This is the first in a series of articles on how to plan your vegetable garden. I’m assuming as I write this that you, gentle reader, are new to the wonderful world of growing vegetables. Perhaps you’ve tried to grow them in the past but were disappointed with the results. Or worse, you grew vegetables, and your kids frowned and pouted and said, “These taste funny!” because they didn’t taste EXACTLY the way they do from the can – you know, salty and lifeless. Can you tell I’ve been there, done that, but with adults instead of kids?
It’s true. I’ve worked hard to grow vegetables, only to find that someone in the household loathes broccoli, or hates parsnips, or won’t touch funny colored corn.
That’s why the first step in planning your vegetable garden isn’t about soil, or light, or water, or seeds, or gardening zones.
The first step is simple: figure out what your family likes to eat.
How to Plan a Vegetable Garden for Beginner Gardeners
What Should You Grow?
The first step to plan your vegetable garden this year is a simple one. Sit down with a pencil and paper or your tablet and make a list. List all the members of your family. Then start jotting notes on which vegetables they like to eat and which ones they hate.
Next, make a second list. On this list, write down vegetables that are so expensive at the grocery store that you rarely buy them. Things like fresh herbs tend to be expensive. So too are warm-weather garden fruits like melons, and vegetables such as tomatoes, peppers, and eggplant. The cost will vary according to what part of the country you live in and your proximity to farmer’s markets, CSAs and the like; some alternatives to shopping at supermarkets offer tasty vegetables at cheaper prices.
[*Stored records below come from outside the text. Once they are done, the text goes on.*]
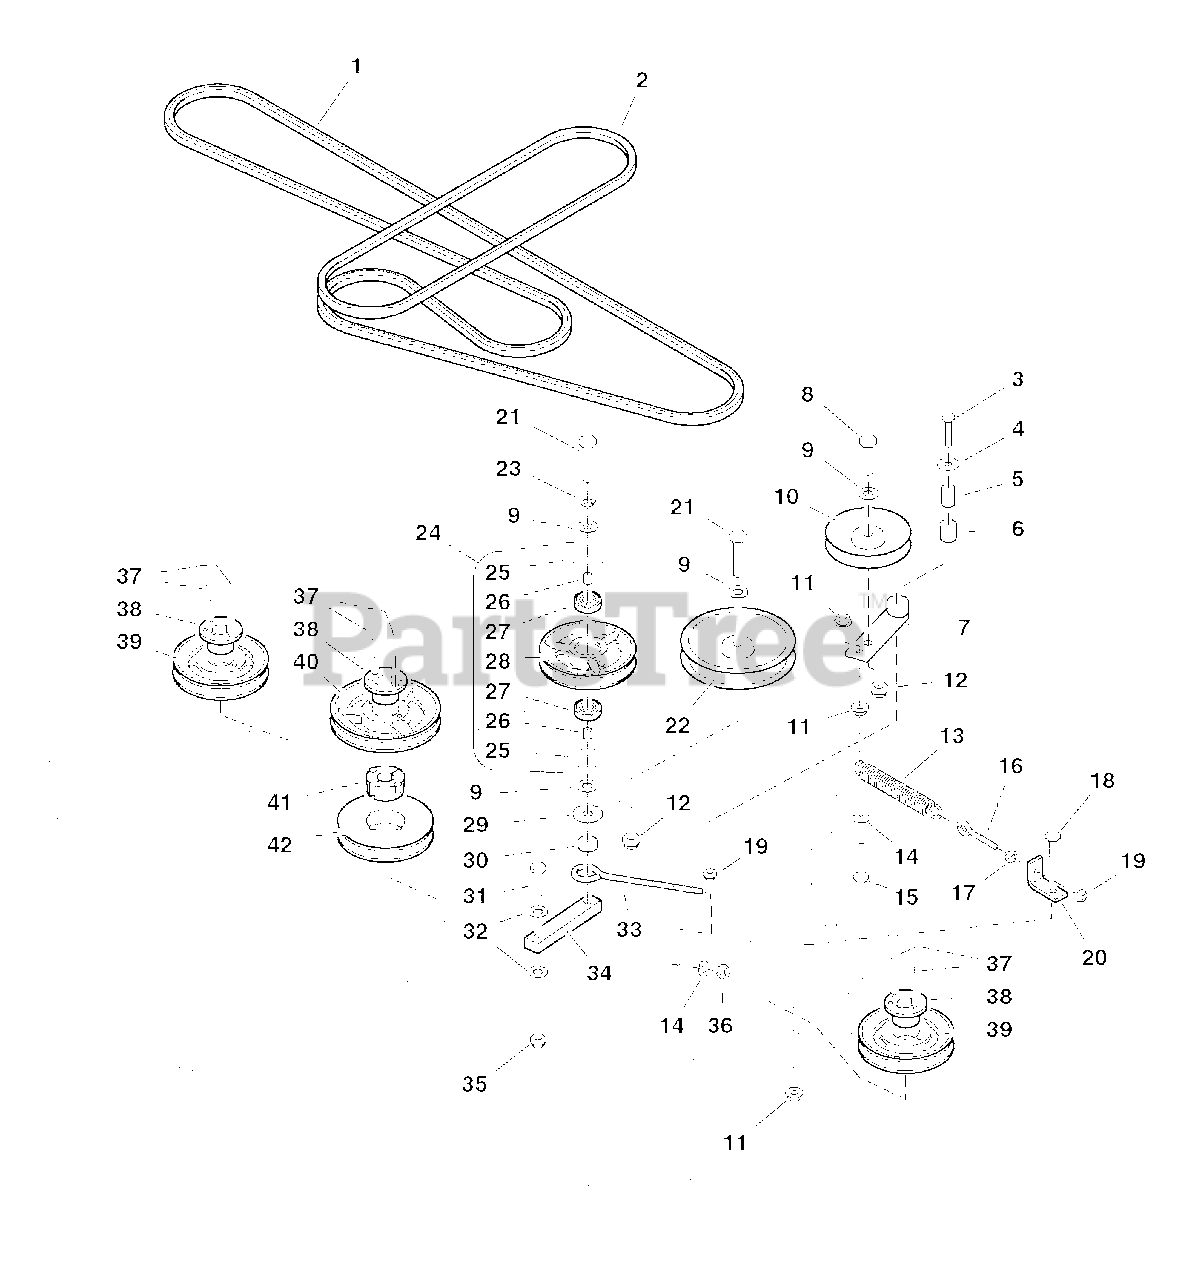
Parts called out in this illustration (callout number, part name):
1	BELT, Spindle Drive
2	BELT, Deck Drive
3	CAPSCREW, Hex Hd, 5/16-18 x 1-3/4
4	WASHER, Fender, 5/16
5	SPACER, Pivot
6	BUSHING, Brass
7	IDLER ARM, Complete (includes Ref 6)
8	CAPSCREW, Hex Hd, 1/2-20 x 2
9	WASHER, 1/2
10	PULLEY, Idler, V
11	NUT, Hex, Serrated Flange, 3/8-16
12	NUT, Hex, Nylon Lock, 1/2-20
13	SPRING, Extension
14	WASHER, 3/8
15	CAPSCREW, Hex Hd, 3/8-16 x 2
17	NUT, Hex, 5/16-18
18	CAPSCREW, Hex Hd, 3/8-16 x 1
19	NUT, Hex, Nylon Lock, 5/16-18
20	SPRING ANCHOR
21	CAPSCREW, Hex Hd, 1/2-20 x 2-1/4
22	PULLEY, Idler, Flat
23	WASHER, Lock, 1/2
24	IDLER PULLEY, Complete (includes Ref 25-28)
25	SNAP RING
27	BEARING, BALL 11/16X1-9/16X15/32
28	PULLEY, Idler
29	WASHER, USS, 1/2
30	SPACER, Pulley
31	CAPSCREW, Hex Hd, 7/16-20 x 1-3/4
32	WASHER, 7/16
35	NUT, Hex, Nylon Lock, 7/16-20
36	NUT, Hex, Nylon Lock, 3/8-16
37	BOLT, 1/4-20 X 1", GD
38	BUSHING, Taper Lock
39	PULLEY, Spindle
40	PULLEY, Spindle
41	BUSHING, Taper Lock
42	PULLEY, Taper Lock
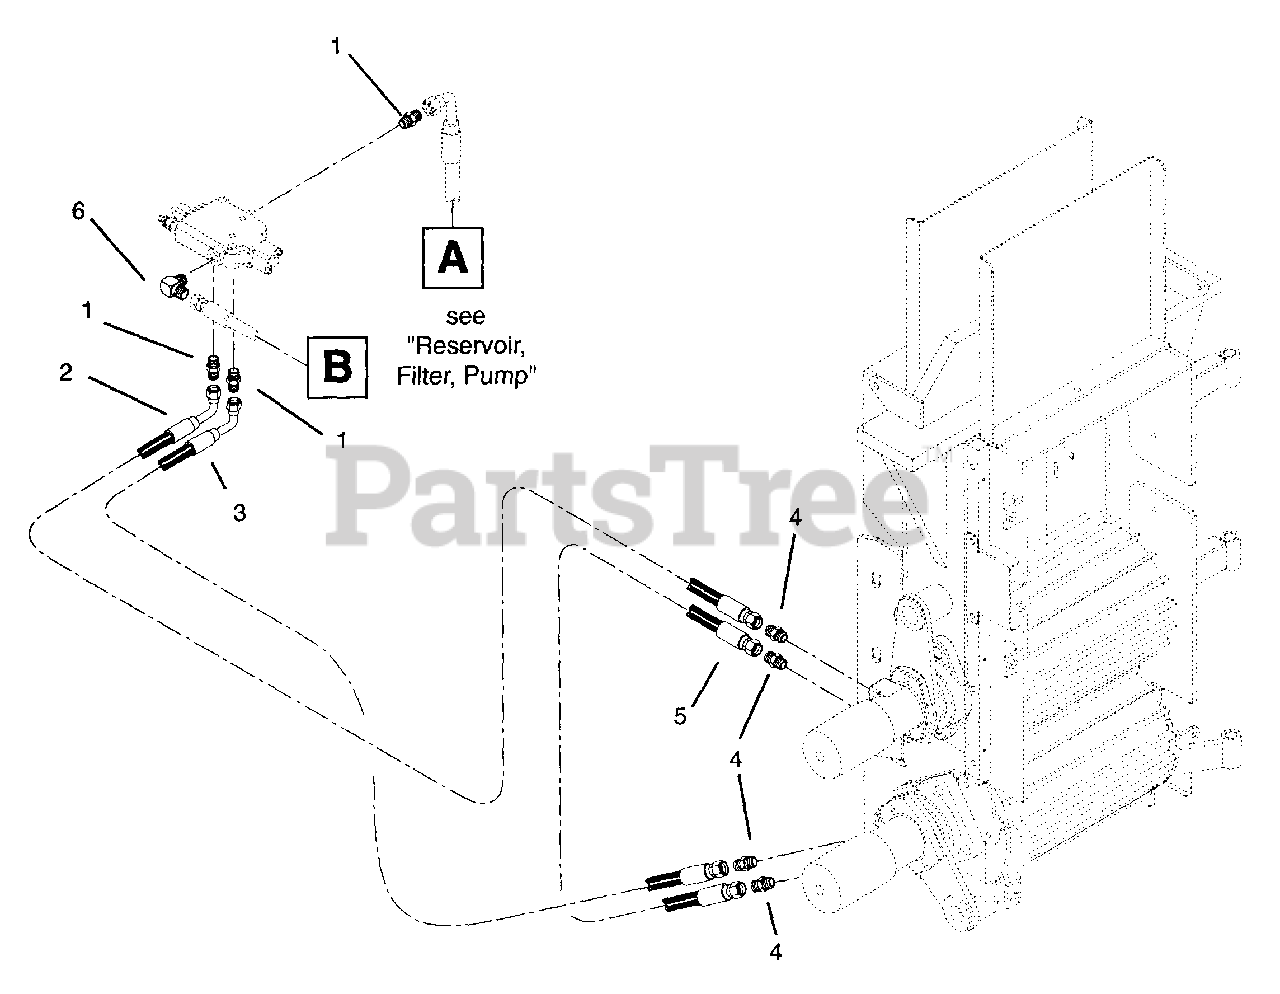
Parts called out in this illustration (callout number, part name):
1	Adapter-Hydraulic Straight 3/4 "O" to 3/4
2	Hose-Hydraulic 45' with Elbow
3	Hose-Hydraulic 30' with Elbow
4	Adapter-Hydraulic Straight 7/8 "O" to 3/4
5	Hose-Hydraulic 40'
6	Adapter-Hydraulic Elbow 3/4 "O" to 3/4

After making these two lists, I want you to make a third list, or check off anything on list 1 or list 2 that you know tastes better fresh. Tomatoes are always on my list. I won’t even bother with store-bought tomatoes because to me, they all taste like cardboard. The same goes for fancy lettuce. I won’t spend $2.99 for organic red leaf lettuce or a fancy salad blend, but I love the taste of them.
Lastly, is there anything you’ve always dreamed about growing just for the heck of it? Gardening should be above all else, fun. If it’s not fun, why bother doing it?
One year, I grew heirloom beans. I grew a variety called yin yang that actually has the black and white yin-yang symbol on them. I grew brown beans to make baked beans, and a variety called Jacob’s Cattle that had a little spatter pattern on them. I dried the beans on the vine, shucked them into glass jars, and then used them to make soup. They tasted just okay, and frankly, I could have purchased beans less expensively and certainly with far less labor by the pound than I did by growing, drying, harvesting, shucking and storing the cup or two of beans my garden yielded. But it was the pleasure of experimenting with growing heirloom seeds that I was after that year, not the taste of the beans themselves. I’d seen heirloom beans in catalogs, and I’d seen them dried on the vine at a historic village on vacation and I wanted to try my hand at Ma Ingalls kind of tasks. I learned a lot about myself that year. I learned that I’m neither Ma Ingalls nor inclined to be a pioneer woman. But I had fun, and that was what counted, so I grew heirloom beans.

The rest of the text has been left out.